Capital Markets Insights Quarterly

From our vantage point.

Welcome to the sixth edition of our Capital Markets newsletter where I’m pleased to open with some thoughts and insights. My name is Justin Llewellyn-Jones, Head of Capital Markets for North America here at Broadridge. I’m responsible for business operations and product strategy within capital markets and have over 25 years of experience within the financial services industry, stretching across the trade lifecycle.

Given the nature of today’s macro environment, I’d like to use this forum to discuss technology simplification. More specifically, I’m talking about simplifying trading and post-trade technologies. Capital markets firms face more challenges and complexity than ever before, leaving many of their technology ecosystems struggling to keep pace. Expansions to new markets, asset classes, and business lines, combined with market volatility and volumes, continue to stretch existing technology ecosystems. Multiple issues exist within today’s technology infrastructure, including incompatible or redundant solutions, disparate data formats, manual workarounds, and siloed platforms that each serve a single asset class or market. Add into this industry and regulatory driven change, and we have some compelling reasons to evolve to a better solution.

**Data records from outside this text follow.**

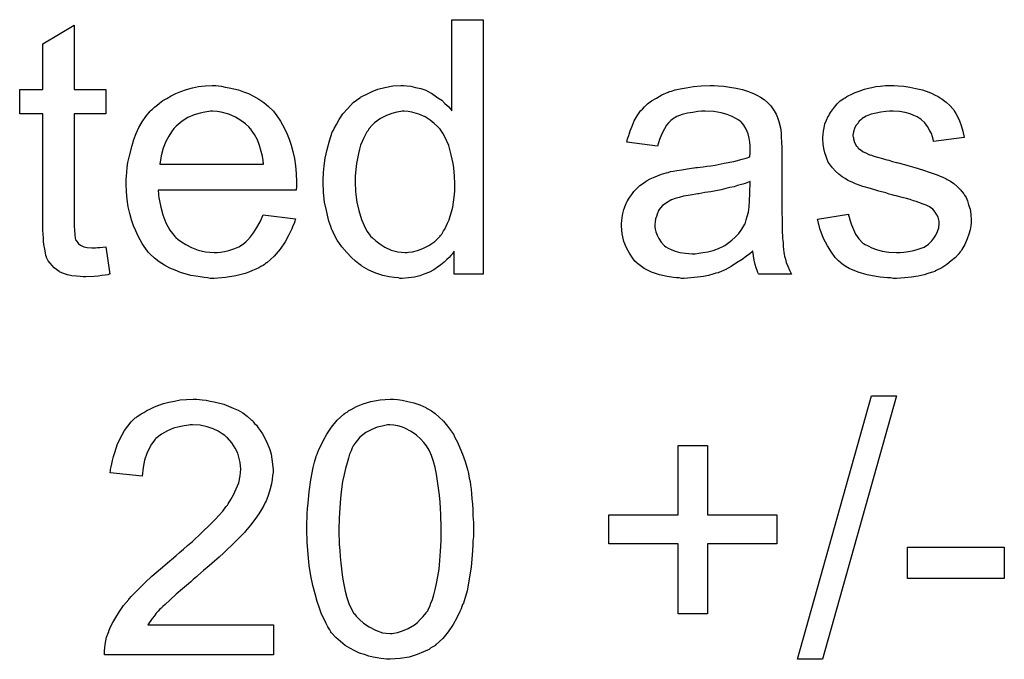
# Model space of a CAD drawing. Extents: x -1.5 to 9, y -3 to 5.
# Tile 257 of 368: x 5.822 to 6.132, y 0.614 to 0.815. Entities that reach past the tile are written whole.
import ezdxf

# ---------------------------------------------------------------- set-up
doc = ezdxf.new("R2010")
doc.units = 0
doc.layers.add('qfn16-30-34-a_mechanical_19', color=1, linetype='CONTINUOUS')

msp = doc.modelspace()

# ---------------------------------------------------------------- linework, layer by layer
at = {"layer": 'qfn16-30-34-a_mechanical_19', "color": 1}
for points in [[(5.967876, 0.735062), (5.958735, 0.735062), (5.958735, 0.742352), (5.95862, 0.742236), (5.958504, 0.742005), (5.958157, 0.741542), (5.957694, 0.740963), (5.957116, 0.740385), (5.956422, 0.739691), (5.955612, 0.738881), (5.95457, 0.738071), (5.953529, 0.737261), (5.952372, 0.736451), (5.950984, 0.735757), (5.94948, 0.735178), (5.947975, 0.7346), (5.94624, 0.734137), (5.944389, 0.733905), (5.942422, 0.73379), (5.941728, 0.73379), (5.941265, 0.733905), (5.939876, 0.734021), (5.938257, 0.734253), (5.93629, 0.734715), (5.934091, 0.73541), (5.931893, 0.736335), (5.929695, 0.737608), (5.929579, 0.737608), (5.929463, 0.737839), (5.928769, 0.738302), (5.927728, 0.739228), (5.926455, 0.740385), (5.924951, 0.741889), (5.923447, 0.74374), (5.921943, 0.745823), (5.92067, 0.748252), (5.92067, 0.748368), (5.920555, 0.748599), (5.920439, 0.748947), (5.920207, 0.749409), (5.919976, 0.750104), (5.919629, 0.750913), (5.919398, 0.751723), (5.919166, 0.752765), (5.918588, 0.755079), (5.918009, 0.75774), (5.917662, 0.760748), (5.917546, 0.763987), (5.917546, 0.764103), (5.917546, 0.764335), (5.917546, 0.764797), (5.917546, 0.765492), (5.917662, 0.766186), (5.917662, 0.767111), (5.917893, 0.769194), (5.91824, 0.771624), (5.918819, 0.774285), (5.919513, 0.777062), (5.920439, 0.779723), (5.920439, 0.779838), (5.920555, 0.78007), (5.920786, 0.780417), (5.921017, 0.78088), (5.921712, 0.782152), (5.922637, 0.783772), (5.923794, 0.785508), (5.925298, 0.787243), (5.927034, 0.789094), (5.929116, 0.790598), (5.929232, 0.790598), (5.929348, 0.790714), (5.929695, 0.790946), (5.930158, 0.791177), (5.931315, 0.791755), (5.932934, 0.792565), (5.934786, 0.79326), (5.936984, 0.793838), (5.939414, 0.794301), (5.941959, 0.794417), (5.942885, 0.794417), (5.94381, 0.794301), (5.945083, 0.794185), (5.946587, 0.793838), (5.948207, 0.793491), (5.949827, 0.792913), (5.951331, 0.792103), (5.951562, 0.791987), (5.952025, 0.791755), (5.952719, 0.791177), (5.953645, 0.790598), (5.954802, 0.789789), (5.955843, 0.788747), (5.957, 0.787706), (5.958041, 0.786433), (5.958041, 0.815127), (5.967876, 0.815127), (5.967876, 0.735062)], [(5.839333, 0.793144), (5.849283, 0.793144), (5.849283, 0.785508), (5.839333, 0.785508), (5.839333, 0.751376), (5.839333, 0.751145), (5.839333, 0.750682), (5.839333, 0.749988), (5.839449, 0.749178), (5.839565, 0.747327), (5.83968, 0.746517), (5.839796, 0.745938), (5.839912, 0.745707), (5.840259, 0.745244), (5.840721, 0.744666), (5.841531, 0.744087), (5.841763, 0.743971), (5.842341, 0.74374), (5.843383, 0.743509), (5.844887, 0.743393), (5.846044, 0.743393), (5.846622, 0.743509), (5.847432, 0.743509), (5.848358, 0.743624), (5.849283, 0.74374), (5.850556, 0.735062), (5.850325, 0.735062), (5.849862, 0.734947), (5.849052, 0.734831), (5.848011, 0.734715), (5.846854, 0.734484), (5.845581, 0.734368), (5.843035, 0.734253), (5.84211, 0.734253), (5.841184, 0.734368), (5.840027, 0.734484), (5.838639, 0.7346), (5.837251, 0.734947), (5.835978, 0.735294), (5.834705, 0.735872), (5.834589, 0.735988), (5.834242, 0.73622), (5.833779, 0.736567), (5.833085, 0.737145), (5.832507, 0.737724), (5.831813, 0.738534), (5.831118, 0.739343), (5.830656, 0.740385), (5.830656, 0.7405), (5.830424, 0.740963), (5.830309, 0.741773), (5.830077, 0.74293), (5.829846, 0.744434), (5.82973, 0.74536), (5.82973, 0.746401), (5.829614, 0.747674), (5.829499, 0.748947), (5.829499, 0.750335), (5.829499, 0.751955), (5.829499, 0.785508), (5.822209, 0.785508), (5.822209, 0.793144), (5.829499, 0.793144), (5.829499, 0.807491), (5.839333, 0.813391), (5.839333, 0.793144)], [(5.884688, 0.794301), (5.885613, 0.794185), (5.88677, 0.793954), (5.888043, 0.793722), (5.889547, 0.793375), (5.890935, 0.793028), (5.892555, 0.79245), (5.894059, 0.791871), (5.895679, 0.791061), (5.897299, 0.790136), (5.898919, 0.789094), (5.900423, 0.787822), (5.901811, 0.786433), (5.901927, 0.786318), (5.902158, 0.786086), (5.902505, 0.785623), (5.902968, 0.784929), (5.903547, 0.784119), (5.904125, 0.783194), (5.904819, 0.782037), (5.905514, 0.780648), (5.906208, 0.779144), (5.906902, 0.777524), (5.90748, 0.775673), (5.908059, 0.773706), (5.908522, 0.771508), (5.908869, 0.769194), (5.9091, 0.766764), (5.909216, 0.764103), (5.909216, 0.763987), (5.909216, 0.763525), (5.909216, 0.762715), (5.9091, 0.761558), (5.865713, 0.761558), (5.865713, 0.761442), (5.865713, 0.761095), (5.865828, 0.760632), (5.865828, 0.759938), (5.865944, 0.759128), (5.866176, 0.758202), (5.866523, 0.75612), (5.867217, 0.753806), (5.868142, 0.75126), (5.869415, 0.748947), (5.871035, 0.746864), (5.871151, 0.746864), (5.871266, 0.746633), (5.871961, 0.746054), (5.873002, 0.745244), (5.87439, 0.744434), (5.876241, 0.743509), (5.878324, 0.742699), (5.880638, 0.74212), (5.881911, 0.742005), (5.883299, 0.741889), (5.884225, 0.741889), (5.885266, 0.742005), (5.886539, 0.742236), (5.887927, 0.742583), (5.889547, 0.743046), (5.891051, 0.74374), (5.892555, 0.744666), (5.892671, 0.744781), (5.893249, 0.745244), (5.893944, 0.745938), (5.894753, 0.746864), (5.895679, 0.748137), (5.89672, 0.749756), (5.897762, 0.751608), (5.898687, 0.753806), (5.908869, 0.752533), (5.908869, 0.752418), (5.908753, 0.752186), (5.908637, 0.751723), (5.908406, 0.751029), (5.908059, 0.750335), (5.907712, 0.749409), (5.906786, 0.747442), (5.905629, 0.745244), (5.904009, 0.74293), (5.902158, 0.740732), (5.899844, 0.738649), (5.899729, 0.738649), (5.899497, 0.738418), (5.89915, 0.738186), (5.898687, 0.737839), (5.897993, 0.737492), (5.897299, 0.737145), (5.896373, 0.736682), (5.895332, 0.73622), (5.894175, 0.735757), (5.893018, 0.735294), (5.890125, 0.7346), (5.886886, 0.734021), (5.883299, 0.73379), (5.882026, 0.73379), (5.881217, 0.733905), (5.880175, 0.734021), (5.878903, 0.734253), (5.877514, 0.734484), (5.87601, 0.734715), (5.87277, 0.735641), (5.871035, 0.736335), (5.869415, 0.737029), (5.86768, 0.737955), (5.86606, 0.738996), (5.864556, 0.740153), (5.863052, 0.741542), (5.862936, 0.741657), (5.862704, 0.741889), (5.862357, 0.742352), (5.861895, 0.743046), (5.861316, 0.743856), (5.860738, 0.744781), (5.860043, 0.745938), (5.859349, 0.747211), (5.858655, 0.748715), (5.857961, 0.750335), (5.857382, 0.752186), (5.856804, 0.754153), (5.856341, 0.756236), (5.855994, 0.75855), (5.855762, 0.760979), (5.855647, 0.763525), (5.855647, 0.76364), (5.855647, 0.764219), (5.855647, 0.764913), (5.855762, 0.765954), (5.855878, 0.767227), (5.855994, 0.768615), (5.856225, 0.770235), (5.856572, 0.771855), (5.857498, 0.775558), (5.858077, 0.777409), (5.858771, 0.779376), (5.859696, 0.781227), (5.860738, 0.782962), (5.861895, 0.784698), (5.863167, 0.786318), (5.863283, 0.786433), (5.863514, 0.786665), (5.863977, 0.787012), (5.864556, 0.78759), (5.86525, 0.788169), (5.866176, 0.788863), (5.867217, 0.789673), (5.868489, 0.790367), (5.869762, 0.791177), (5.871266, 0.791871), (5.872886, 0.792565), (5.874622, 0.793144), (5.876473, 0.793722), (5.87844, 0.794069), (5.880522, 0.794301), (5.882721, 0.794417), (5.883878, 0.794417), (5.884688, 0.794301)], [(6.041692, 0.794301), (6.043428, 0.794185), (6.045395, 0.793954), (6.047362, 0.793607), (6.049329, 0.793144), (6.05118, 0.792565), (6.051411, 0.79245), (6.05199, 0.792218), (6.0528, 0.791871), (6.053841, 0.791408), (6.054998, 0.790714), (6.056155, 0.79002), (6.057196, 0.789094), (6.058122, 0.788169), (6.058238, 0.788053), (6.058469, 0.787706), (6.058816, 0.787128), (6.059279, 0.786433), (6.059857, 0.785392), (6.06032, 0.784351), (6.060783, 0.783078), (6.06113, 0.781574), (6.06113, 0.781458), (6.061246, 0.781111), (6.061361, 0.780417), (6.061477, 0.779491), (6.061477, 0.778219), (6.061593, 0.776715), (6.061708, 0.774748), (6.061708, 0.772549), (6.061708, 0.75936), (6.061708, 0.759244), (6.061708, 0.758781), (6.061708, 0.758087), (6.061708, 0.757161), (6.061708, 0.75612), (6.061708, 0.754847), (6.061824, 0.75207), (6.061824, 0.749178), (6.06194, 0.746285), (6.062056, 0.745013), (6.062056, 0.743856), (6.062171, 0.742814), (6.062287, 0.742005), (6.062287, 0.741889), (6.062403, 0.741426), (6.062518, 0.740732), (6.062865, 0.739806), (6.063097, 0.738765), (6.06356, 0.737608), (6.064138, 0.736335), (6.064717, 0.735062), (6.054419, 0.735062), (6.054304, 0.735178), (6.054188, 0.735641), (6.053957, 0.73622), (6.053609, 0.737145), (6.053262, 0.738186), (6.053031, 0.739459), (6.0528, 0.740847), (6.052568, 0.742352), (6.052453, 0.742352), (6.052337, 0.74212), (6.051643, 0.741542), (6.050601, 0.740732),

By streamlining and consolidating systems, we can eliminate friction points between applications that slow trading and operations, cause errors, reduce STP, and increase costs and risk. Simplification is a significant catalyst to improved trading processes and operations, boosting position and sales traders on the front end, risk and trade allocation specialists in the middle office, and operations staff and financial controllers in the back office.

Let’s explore how this works in all three areas:

  • In today’s front office, it is typical to find a multitude of disjointed systems that prevent traders from operating at their peak while margin pressure continues to rise. Simplification by consolidating across asset classes or geographies can help the trading tech stack easily handle market access, client connectivity, analytics, and order management in a seamless user experience, freeing traders to focus on optimizing their performance and differentiating themselves with their clients.
  • As executed trades flow into the middle office for allocation, confirmation, and affirmation, simplification helps eliminate the fragmentation and manual intervention that often bedevil this stage of the post-trade journey. Crucially within the trade capture process, unifying disparate processing platforms improves their connections to front-office and clearing-and-settlement systems and surfaces valuable data insights allowing clients’ activities to be managed holistically.
  • In the back office, expanded demands on post-trade systems, increased regulatory and market change requirements, and increased volatility and volume, which require either new workarounds or new investments, challenge firms’ ability to continue to scale and maintain operational efficiency. Simplification can drive automation that reduces risky manual interventions. At the same time, ML and AI-driven predictive analytics help organizations identify problems arising in the clearing and settlement processes before they become exceptions and fails.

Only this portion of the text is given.